The priority issue of protecting water quality will be addressed by continuing to offer the Virginia Household Water Quality program to Appomattox county citizens. This program allows participants to get their well water tested for iron, manganese, nitrate, lead, arsenic, fluoride, sulfate, pH, total dissolved solids, hardness, sodium, copper, total coliform bacteria and E. Coli bacteria. Water quality protection is also a major focus of the pesticide safety educational programs offered to provide private pesticide applicator license recertification credit. The soil testing services offered by VCE also highlight this issue. Water quality is directly impacted when fertilizer use is directly based on the soil nutrient level and plant need. The ANR agent will also prioritize site visits to homeowners for lawn questions related to proper management and fertilizer use. The Master Gardeners will also be a partner in addressing water quality concerns with their educational programs on plants and soils.

The priority issue of helping youth develop leadership, citizenship, and other life skills will be addressed by continuing the 4-H program in Appomattox County. During the absence of a 4-H agent, a 4-H program technician will be hired to continue activities. 4-H camp is a major component of the Appomattox program along with youth cooking and nutrition education. The Appomattox 4-H program historically has had a strong in-school presence and the technician will continue this relationship.

The priority issue of promoting agricultural, natural resources and environmental literacy will also be addressed using a multi-faceted approach. This is a topic that the ANR, 4-H and FCS program areas can all partner to lead timely educational programs. The Extension Office will partner with the local Future Farmers of America (FFA) chapter and the Robert E. Lee Soil and Water Conservation District to offer farm or agriculture days at the Appomattox Primary and Elementary Schools. The FFA already offers a Little Farmers Day which VCE could assist. The VCE office can also assist with the Primary School Fall Festival to talk about fall treats such as apples and pumpkins. The wooden no-kick cow can be utilized at the area pre-schools for milk educational programs as well as at the schools. VCE can additionally partner with the Appomattox County Farm Bureau for youth agriculture themed book readings and continued highlighting of the school “book barns”. The Master Gardeners also can be a major group for addressing this priority issue. They currently provide educational programs at the Appomattox Library and at the Senior activity center. The group is currently small due to Covid-19 impact, but the ANR agent would like to offer new member training opportunities so the group can grow and reach more citizens.

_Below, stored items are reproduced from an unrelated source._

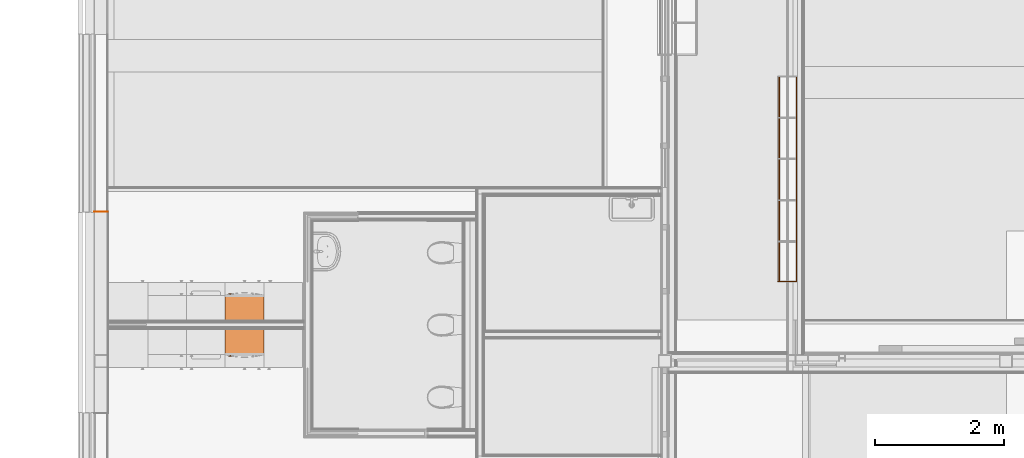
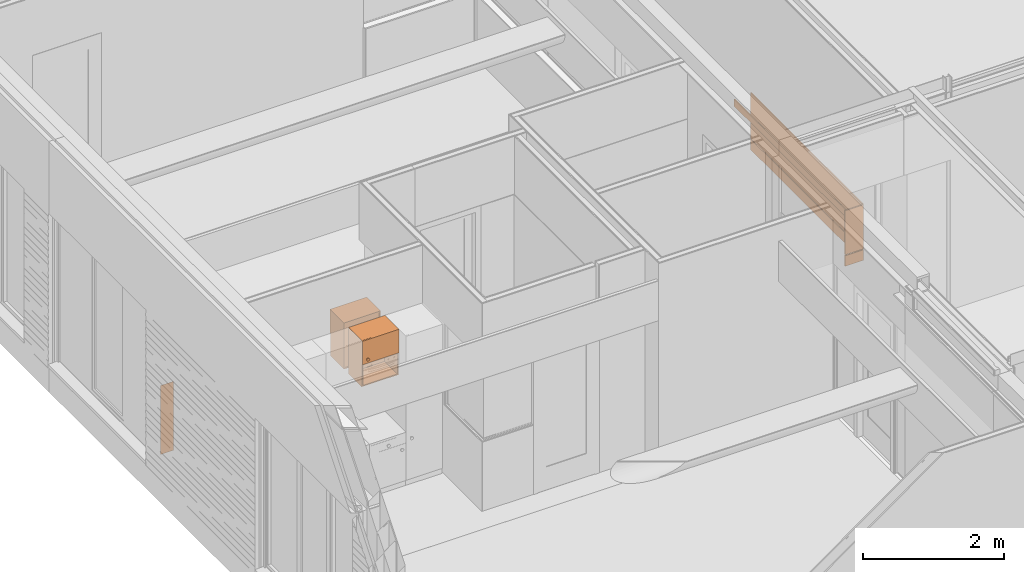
# One storey, part 151 of 165: 6 proxies.
"""IFC2X3 building model written with IfcOpenShell, lengths in millimetres."""

from ifc_helpers import new_model, entity, si_unit, converted_unit, derived_unit, money_unit, direction, frame, origin_with_axes, place, context, subcontext, project, spatial, faceted_brep, material, type_object, element, save


model = new_model("IFC2X3")

# Units and contexts
model_context = context("Model", 3, precision=0.01, world=origin_with_axes(), true_north=direction((0.0, 1.0)))
body_context = subcontext(model_context, "Body", "Model", "MODEL_VIEW")
ifc_project = project(units=[si_unit("LENGTHUNIT", "METRE", prefix="MILLI"), si_unit("AREAUNIT", "SQUARE_METRE"), si_unit("VOLUMEUNIT", "CUBIC_METRE"), converted_unit("PLANEANGLEUNIT", "DEGREE", entity("IfcPlaneAngleMeasure", 0.0174532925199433), si_unit("PLANEANGLEUNIT", "RADIAN"), dimensions=[0, 0, 0, 0, 0, 0, 0]), money_unit("EUR"), converted_unit("TIMEUNIT", "Year", entity("IfcTimeMeasure", 31556926.0), si_unit("TIMEUNIT", "SECOND"), dimensions=[0, 0, 1, 0, 0, 0, 0]), si_unit("MASSUNIT", "GRAM", prefix="KILO"), si_unit("THERMODYNAMICTEMPERATUREUNIT", "DEGREE_CELSIUS"), si_unit("LUMINOUSINTENSITYUNIT", "LUMEN"), si_unit("ENERGYUNIT", "JOULE", prefix="MEGA"), derived_unit("THERMALCONDUCTANCEUNIT", [(si_unit("POWERUNIT", "WATT"), 1), (si_unit("LENGTHUNIT", "METRE"), -1), (si_unit("THERMODYNAMICTEMPERATUREUNIT", "KELVIN"), -1)]), derived_unit("SPECIFICHEATCAPACITYUNIT", [(si_unit("ENERGYUNIT", "JOULE"), 1), (si_unit("MASSUNIT", "GRAM", prefix="KILO"), -1), (si_unit("THERMODYNAMICTEMPERATUREUNIT", "KELVIN"), -1)]), derived_unit("MASSDENSITYUNIT", [(si_unit("MASSUNIT", "GRAM", prefix="KILO"), 1), (si_unit("VOLUMEUNIT", "CUBIC_METRE"), -1)])], contexts=[model_context])

# Site, building, storey
site_placement = place(None, origin_with_axes())
site = spatial("IfcSite", under=ifc_project, at=site_placement, Name="Site", CompositionType="ELEMENT")
building_placement = place(site_placement, origin_with_axes())
building = spatial("IfcBuilding", under=site, at=building_placement, Name="Naam gebouw", CompositionType="ELEMENT")
storey_placement = place(building_placement, origin_with_axes())
storey = spatial("IfcBuildingStorey", under=building, at=storey_placement, Name="Begane grond", CompositionType="ELEMENT", Elevation=0.0)

# Proxies
ifc_material_1 = material(Name="Hout - Multiplex")
building_element_proxy_type_1 = type_object("IfcBuildingElementProxyType", Name="Hout - Multiplex 1", PredefinedType="NOTDEFINED")
proxy_1_placement = place(storey_placement, frame((214.0000000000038, 13124.9998112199, 3.999999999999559), z_axis=(0.0, 0.0, 1.0), x_axis=(-1.0, 0.0, 0.0)))
element("IfcBuildingElementProxy", 1, at=proxy_1_placement, inside=storey, type_object=building_element_proxy_type_1, material=ifc_material_1, Name="i4 In lagen verlijmd hout_Leeg", context=body_context, shape_type="Brep", body=[
    faceted_brep([(0.0, -0.9999999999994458, 1196.0), (214.0000000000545, -1.000000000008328, 1196.0), (214.0000000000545, 0.0, 1196.0), (0.0, 0.0, 1196.0), (0.0, -0.9999999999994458, 0.0), (214.0000000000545, -1.000000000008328, 0.0), (214.0000000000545, 0.0, 0.0), (0.0, 0.0, 0.0)], [[[0, 1, 2, 3]], [[4, 5, 1, 0]], [[2, 1, 5, 6]], [[3, 2, 6, 7]], [[4, 0, 3, 7]], [[7, 6, 5, 4]]]),
])
ifc_material_2 = material(Name="Hout AFW")
building_element_proxy_type_2 = type_object("IfcBuildingElementProxyType", Name="Hout AFW 18", PredefinedType="NOTDEFINED")
proxy_2_placement = place(storey_placement, frame((10882.00000000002, 12035.00003229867, 200.0000000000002), z_axis=(0.0, 0.0, 1.0), x_axis=(-1.0, 0.0, 0.0)))
element("IfcBuildingElementProxy", 2, at=proxy_2_placement, inside=storey, type_object=building_element_proxy_type_2, material=ifc_material_2, Name="i HOUT_Wand-x", context=body_context, shape_type="Brep", body=[
    faceted_brep([(282.0, -18.00000000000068, 18.00000000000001), (282.0, -18.00000000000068, 200.0), (-18.00000000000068, -18.00000000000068, 200.0), (-18.00000000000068, -18.00000000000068, 18.00000000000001), (282.0, 0.0, 18.00000000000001), (282.0, 0.0, 200.0), (-18.00000000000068, 0.0, 200.0), (-18.00000000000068, 0.0, 18.00000000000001)], [[[0, 1, 2, 3]], [[4, 5, 1, 0]], [[5, 6, 2, 1]], [[3, 2, 6, 7]], [[4, 0, 3, 7]], [[7, 6, 5, 4]]]),
    faceted_brep([(-18.00000000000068, 0.0, 1000.0), (-18.00000000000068, 0.0, 218.0), (-18.00000000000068, -18.00000000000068, 218.0), (-18.00000000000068, -18.00000000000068, 1000.0), (282.0, 0.0, 982.0), (282.0, 0.0, 218.0), (0.0, 0.0, 1000.0), (0.0, 0.0, 982.0), (282.0, -18.00000000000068, 218.0), (282.0, -18.00000000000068, 982.0), (0.0, -18.00000000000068, 982.0), (0.0, -18.00000000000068, 1000.0)], [[[0, 1, 2, 3]], [[4, 5, 1, 0, 6, 7]], [[5, 8, 2, 1]], [[3, 2, 8, 9, 10, 11]], [[3, 11, 6, 0]], [[9, 8, 5, 4]], [[7, 6, 11, 10]], [[7, 10, 9, 4]]]),
])
proxy_3_placement = place(storey_placement, frame((10882.00000000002, 15235.00003229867, 200.0000000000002), z_axis=(0.0, 0.0, 1.0), x_axis=(0.0, -1.0, 0.0)))
element("IfcBuildingElementProxy", 3, at=proxy_3_placement, inside=storey, type_object=building_element_proxy_type_2, material=ifc_material_2, Name="i HOUT_Wand-x", context=body_context, shape_type="Brep", body=[
    faceted_brep([(18.00000000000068, 0.0, 18.00000000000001), (18.00000000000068, 0.0, 199.9999999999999), (18.00000000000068, 18.00000000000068, 200.0), (18.00000000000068, 18.00000000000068, 18.00000000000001), (3182.0, 0.0, 18.00000000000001), (3182.0, 0.0, 200.0), (3182.0, 18.00000000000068, 200.0), (3182.0, 18.00000000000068, 18.00000000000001)], [[[0, 1, 2, 3]], [[4, 5, 1, 0]], [[5, 6, 2, 1]], [[3, 2, 6, 7]], [[4, 0, 3, 7]], [[7, 6, 5, 4]]]),
    faceted_brep([(3182.0, 17.99999999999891, 1000.0), (3182.0, 18.00000000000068, 218.0), (18.00000000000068, 18.00000000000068, 218.0), (18.00000000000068, 18.00000000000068, 1000.0), (3182.0, 0.0, 1000.0), (3182.0, 0.0, 218.0), (18.00000000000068, 0.0, 218.0), (18.00000000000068, 0.0, 1000.0)], [[[0, 1, 2, 3]], [[4, 5, 1, 0]], [[5, 6, 2, 1]], [[3, 2, 6, 7]], [[7, 4, 0, 3]], [[7, 6, 5, 4]]]),
])
proxy_4_placement = place(storey_placement, frame((10615.00000000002, 15235.00003229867, 1062.0), z_axis=(0.0, 0.0, 1.0), x_axis=(0.0, -1.0, 0.0)))
element("IfcBuildingElementProxy", 4, at=proxy_4_placement, inside=storey, type_object=building_element_proxy_type_2, material=ifc_material_2, Name="i HOUT_Wand-x", context=body_context, shape_type="Brep", body=[
    faceted_brep([(18.00000000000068, 0.0, 0.0), (18.00000000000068, 0.0, 119.9999999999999), (18.00000000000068, 18.00000000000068, 119.9999999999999), (18.00000000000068, 18.00000000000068, 0.0), (3182.0, 0.0, 0.0), (3182.0, 0.0, 119.9999999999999), (3182.0, 17.99999999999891, 119.9999999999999), (3182.0, 17.99999999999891, 0.0)], [[[0, 1, 2, 3]], [[4, 5, 1, 0]], [[5, 6, 2, 1]], [[3, 2, 6, 7]], [[3, 7, 4, 0]], [[7, 6, 5, 4]]]),
])
building_element_proxy_type_3 = type_object("IfcBuildingElementProxyType", Name="Bovenkast recht 26", PredefinedType="NOTDEFINED")
proxy_5_placement = place(storey_placement, frame((2632.000000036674, 11307.48676502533, 300.0000000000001), z_axis=(0.0, 0.0, 1.0), x_axis=(0.9999999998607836, -1.668630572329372e-05, 0.0)))
element("IfcBuildingElementProxy", 5, at=proxy_5_placement, inside=storey, type_object=building_element_proxy_type_3, Name="_Leeg", context=body_context, shape_type="Brep", body=[
    faceted_brep([(-18.0, -380.0, 1891.0), (-18.0, -380.0, 1909.0), (-582.0, -380.0, 1909.0), (-582.0, -380.0, 1891.0), (-18.0, -18.0, 1891.0), (-18.0, -18.0, 1909.0), (-582.0, -18.0, 1909.0), (-582.0, -18.0, 1891.0)], [[[0, 1, 2, 3]], [[4, 5, 1, 0]], [[1, 5, 6, 2]], [[3, 2, 6, 7]], [[0, 3, 7, 4]], [[7, 6, 5, 4]]]),
    faceted_brep([(-532.8176930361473, -398.0, 1967.916221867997), (-533.0000000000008, -398.0, 1970.0), (-532.8176930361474, -398.0, 1972.083778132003), (-532.2763114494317, -398.0, 1974.104241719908), (-531.3923048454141, -398.0, 1976.0), (-530.1925333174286, -398.0, 1977.713451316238), (-528.7134513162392, -398.0, 1979.192533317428), (-527.0000000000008, -398.0, 1980.392304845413), (-525.1042417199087, -398.0, 1981.276311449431), (-523.0837781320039, -398.0, 1981.817693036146), (-521.0000000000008, -398.0, 1982.0), (-518.9162218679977, -398.0, 1981.817693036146), (-516.8957582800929, -398.0, 1981.276311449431), (-515.0000000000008, -398.0, 1980.392304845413), (-513.2865486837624, -398.0, 1979.192533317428), (-511.807466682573, -398.0, 1977.713451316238), (-510.6076951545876, -398.0, 1976.0), (-509.7236885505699, -398.0, 1974.104241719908), (-509.1823069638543, -398.0, 1972.083778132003), (-509.0000000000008, -398.0, 1970.0), (-509.1823069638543, -398.0, 1967.916221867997), (-509.7236885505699, -398.0, 1965.895758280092), (-510.6076951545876, -398.0, 1964.0), (-511.807466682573, -398.0, 1962.286548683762), (-513.2865486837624, -398.0, 1960.807466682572), (-515.0000000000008, -398.0, 1959.607695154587), (-516.8957582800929, -398.0, 1958.723688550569), (-518.9162218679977, -398.0, 1958.182306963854), (-521.0000000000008, -398.0, 1958.0), (-523.0837781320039, -398.0, 1958.182306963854), (-525.1042417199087, -398.0, 1958.723688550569), (-527.0000000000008, -398.0, 1959.607695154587), (-528.7134513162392, -398.0, 1960.807466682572), (-530.1925333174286, -398.0, 1962.286548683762), (-531.392304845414, -398.0, 1964.0), (-532.2763114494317, -398.0, 1965.895758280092), (-532.8176930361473, -418.0000000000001, 1967.916221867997), (-533.0000000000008, -418.0000000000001, 1970.0), (-532.8176930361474, -418.0000000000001, 1972.083778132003), (-532.2763114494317, -418.0000000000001, 1974.104241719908), (-531.3923048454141, -418.0000000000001, 1976.0), (-530.1925333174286, -418.0000000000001, 1977.713451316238), (-528.7134513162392, -418.0000000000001, 1979.192533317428), (-527.0000000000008, -418.0000000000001, 1980.392304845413), (-525.1042417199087, -418.0000000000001, 1981.276311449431), (-523.0837781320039, -418.0000000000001, 1981.817693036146), (-521.0000000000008, -418.0000000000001, 1982.0), (-518.9162218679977, -418.0000000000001, 1981.817693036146), (-516.8957582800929, -418.0000000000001, 1981.276311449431), (-515.0000000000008, -418.0000000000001, 1980.392304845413), (-513.2865486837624, -418.0000000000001, 1979.192533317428), (-511.807466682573, -418.0000000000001, 1977.713451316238), (-510.6076951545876, -418.0000000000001, 1976.0), (-509.7236885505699, -418.0000000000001, 1974.104241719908), (-509.1823069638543, -418.0000000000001, 1972.083778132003), (-509.0000000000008, -418.0000000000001, 1970.0), (-509.1823069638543, -418.0000000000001, 1967.916221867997), (-509.7236885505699, -418.0000000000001, 1965.895758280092), (-510.6076951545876, -418.0000000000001, 1964.0), (-511.807466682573, -418.0000000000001, 1962.286548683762), (-513.2865486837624, -418.0000000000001, 1960.807466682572), (-515.0000000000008, -418.0000000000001, 1959.607695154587), (-516.8957582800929, -418.0000000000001, 1958.723688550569), (-518.9162218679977, -418.0000000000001, 1958.182306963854), (-521.0000000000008, -418.0000000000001, 1958.0), (-523.0837781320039, -418.0000000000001, 1958.182306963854), (-525.1042417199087, -418.0000000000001, 1958.723688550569), (-527.0000000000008, -418.0000000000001, 1959.607695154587), (-528.7134513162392, -418.0000000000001, 1960.807466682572), (-530.1925333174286, -418.0000000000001, 1962.286548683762), (-531.392304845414, -418.0000000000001, 1964.0), (-532.2763114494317, -418.0000000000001, 1965.895758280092)], [[[0, 1, 2, 3, 4, 5, 6, 7, 8, 9, 10, 11, 12, 13, 14, 15, 16, 17, 18, 19, 20, 21, 22, 23, 24, 25, 26, 27, 28, 29, 30, 31, 32, 33, 34, 35]], [[0, 36, 37, 1]], [[1, 37, 38, 2]], [[2, 38, 39, 3]], [[3, 39, 40, 4]], [[4, 40, 41, 5]], [[5, 41, 42, 6]], [[6, 42, 43, 7]], [[7, 43, 44, 8]], [[8, 44, 45, 9]], [[9, 45, 46, 10]], [[10, 46, 47, 11]], [[11, 47, 48, 12]], [[12, 48, 49, 13]], [[13, 49, 50, 14]], [[14, 50, 51, 15]], [[15, 51, 52, 16]], [[16, 52, 53, 17]], [[17, 53, 54, 18]], [[18, 54, 55, 19]], [[19, 55, 56, 20]], [[20, 56, 57, 21]], [[21, 57, 58, 22]], [[22, 58, 59, 23]], [[23, 59, 60, 24]], [[24, 60, 61, 25]], [[25, 61, 62, 26]], [[26, 62, 63, 27]], [[27, 63, 64, 28]], [[28, 64, 65, 29]], [[29, 65, 66, 30]], [[30, 66, 67, 31]], [[31, 67, 68, 32]], [[32, 68, 69, 33]], [[33, 69, 70, 34]], [[34, 70, 71, 35]], [[35, 71, 36, 0]], [[36, 71, 70, 69, 68, 67, 66, 65, 64, 63, 62, 61, 60, 59, 58, 57, 56, 55, 54, 53, 52, 51, 50, 49, 48, 47, 46, 45, 44, 43, 42, 41, 40, 39, 38, 37]]]),
    faceted_brep([(-544.6353860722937, -418.0000000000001, 1965.832443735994), (-545.0000000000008, -418.0000000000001, 1970.0), (-544.6353860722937, -418.0000000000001, 1974.167556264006), (-543.5526228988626, -418.0000000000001, 1978.208483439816), (-541.7846096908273, -418.0000000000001, 1982.0), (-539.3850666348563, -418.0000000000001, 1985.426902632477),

Although only 5 priority issues were identified, many of the response activities will address other priority issues that were in the survey and not discussed in this document. The Appomattox Extension Office is poised to address the priority issues identified by County citizens as well as new issues as they develop. A key aspect of Virginia Cooperative Extension is being able to quickly adapt to changing situations and develop educational programs that will improve the quality of life for Virginia citizens.